> EXERCISE GOAL
Leaving out the pictures, output each record exactly as it stands.

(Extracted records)
········

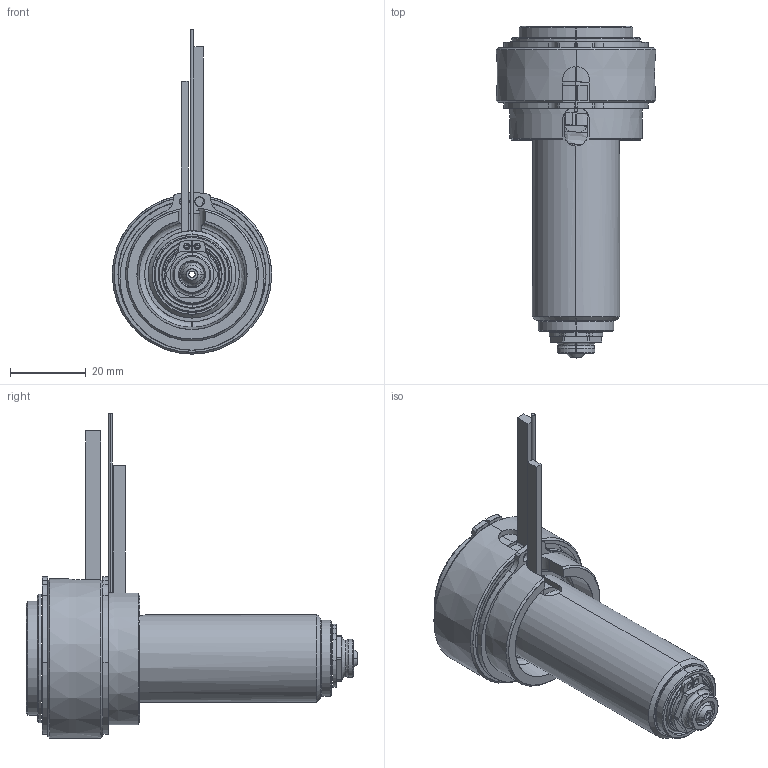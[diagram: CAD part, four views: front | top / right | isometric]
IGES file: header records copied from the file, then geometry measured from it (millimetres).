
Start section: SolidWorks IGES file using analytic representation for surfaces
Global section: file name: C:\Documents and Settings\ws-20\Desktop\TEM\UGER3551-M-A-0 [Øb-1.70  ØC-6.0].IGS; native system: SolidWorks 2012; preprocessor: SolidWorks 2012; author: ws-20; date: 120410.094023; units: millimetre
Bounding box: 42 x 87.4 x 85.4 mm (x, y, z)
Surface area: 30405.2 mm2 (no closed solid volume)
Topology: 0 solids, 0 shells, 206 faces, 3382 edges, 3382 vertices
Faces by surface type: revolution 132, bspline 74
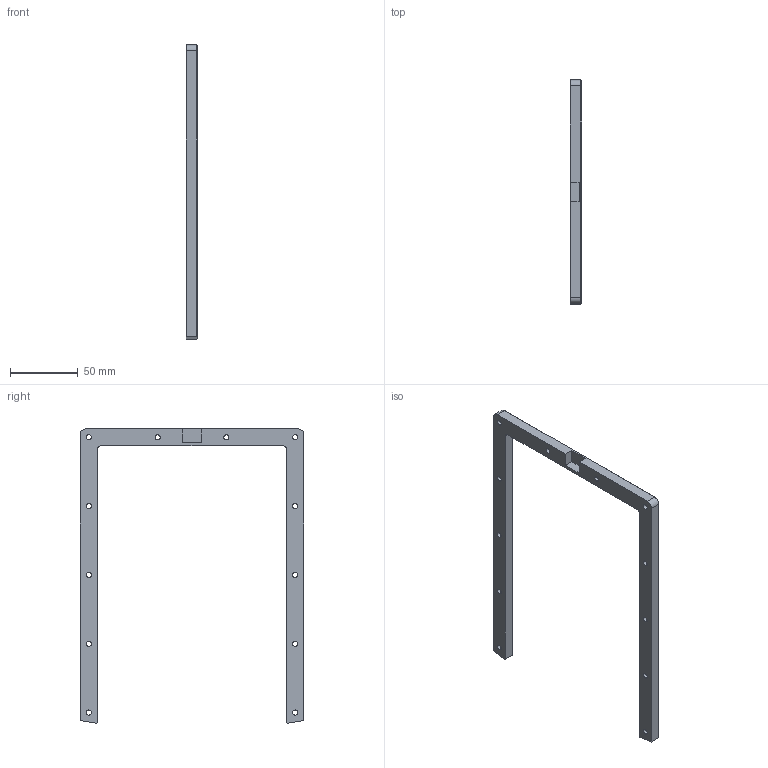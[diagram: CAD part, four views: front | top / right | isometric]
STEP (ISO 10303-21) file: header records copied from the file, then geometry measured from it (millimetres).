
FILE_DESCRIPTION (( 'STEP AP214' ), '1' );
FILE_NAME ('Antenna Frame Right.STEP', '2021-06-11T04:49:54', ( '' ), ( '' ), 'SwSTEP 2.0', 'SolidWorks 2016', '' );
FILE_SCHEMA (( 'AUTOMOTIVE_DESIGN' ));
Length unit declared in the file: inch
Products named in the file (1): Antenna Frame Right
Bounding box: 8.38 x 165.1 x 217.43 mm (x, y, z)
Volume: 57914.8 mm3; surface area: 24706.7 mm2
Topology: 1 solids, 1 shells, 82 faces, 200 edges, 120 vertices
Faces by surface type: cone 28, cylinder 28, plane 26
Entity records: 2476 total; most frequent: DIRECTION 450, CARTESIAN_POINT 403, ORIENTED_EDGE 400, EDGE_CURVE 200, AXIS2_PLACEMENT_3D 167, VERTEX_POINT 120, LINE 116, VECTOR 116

········

> OUTPUT FOR THIS EXERCISE
[diagram: CAD part, four views: front | top / right | isometric]
IGES file: header records copied from the file, then geometry measured from it (millimetres).
Start section: SolidWorks IGES file using analytic representation for surfaces
Global section: file name: C:\Documents and Settings\ws-20\Desktop\TEM\UGER3551-M-A-0 [Øb-1.70  ØC-6.0].IGS; native system: SolidWorks 2012; preprocessor: SolidWorks 2012; author: ws-20; date: 120410.094023; units: millimetre
Bounding box: 42 x 87.4 x 85.4 mm (x, y, z)
Surface area: 30405.2 mm2 (no closed solid volume)
Topology: 0 solids, 0 shells, 206 faces, 3382 edges, 3382 vertices
Faces by surface type: revolution 132, bspline 74
[diagram: CAD part, four views: front | top / right | isometric]
STEP (ISO 10303-21) file: header records copied from the file, then geometry measured from it (millimetres).
FILE_DESCRIPTION (( 'STEP AP214' ), '1' );
FILE_NAME ('Antenna Frame Right.STEP', '2021-06-11T04:49:54', ( '' ), ( '' ), 'SwSTEP 2.0', 'SolidWorks 2016', '' );
FILE_SCHEMA (( 'AUTOMOTIVE_DESIGN' ));
Length unit declared in the file: inch
Products named in the file (1): Antenna Frame Right
Bounding box: 8.38 x 165.1 x 217.43 mm (x, y, z)
Volume: 57914.8 mm3; surface area: 24706.7 mm2
Topology: 1 solids, 1 shells, 82 faces, 200 edges, 120 vertices
Faces by surface type: cone 28, cylinder 28, plane 26
Entity records: 2476 total; most frequent: DIRECTION 450, CARTESIAN_POINT 403, ORIENTED_EDGE 400, EDGE_CURVE 200, AXIS2_PLACEMENT_3D 167, VERTEX_POINT 120, LINE 116, VECTOR 116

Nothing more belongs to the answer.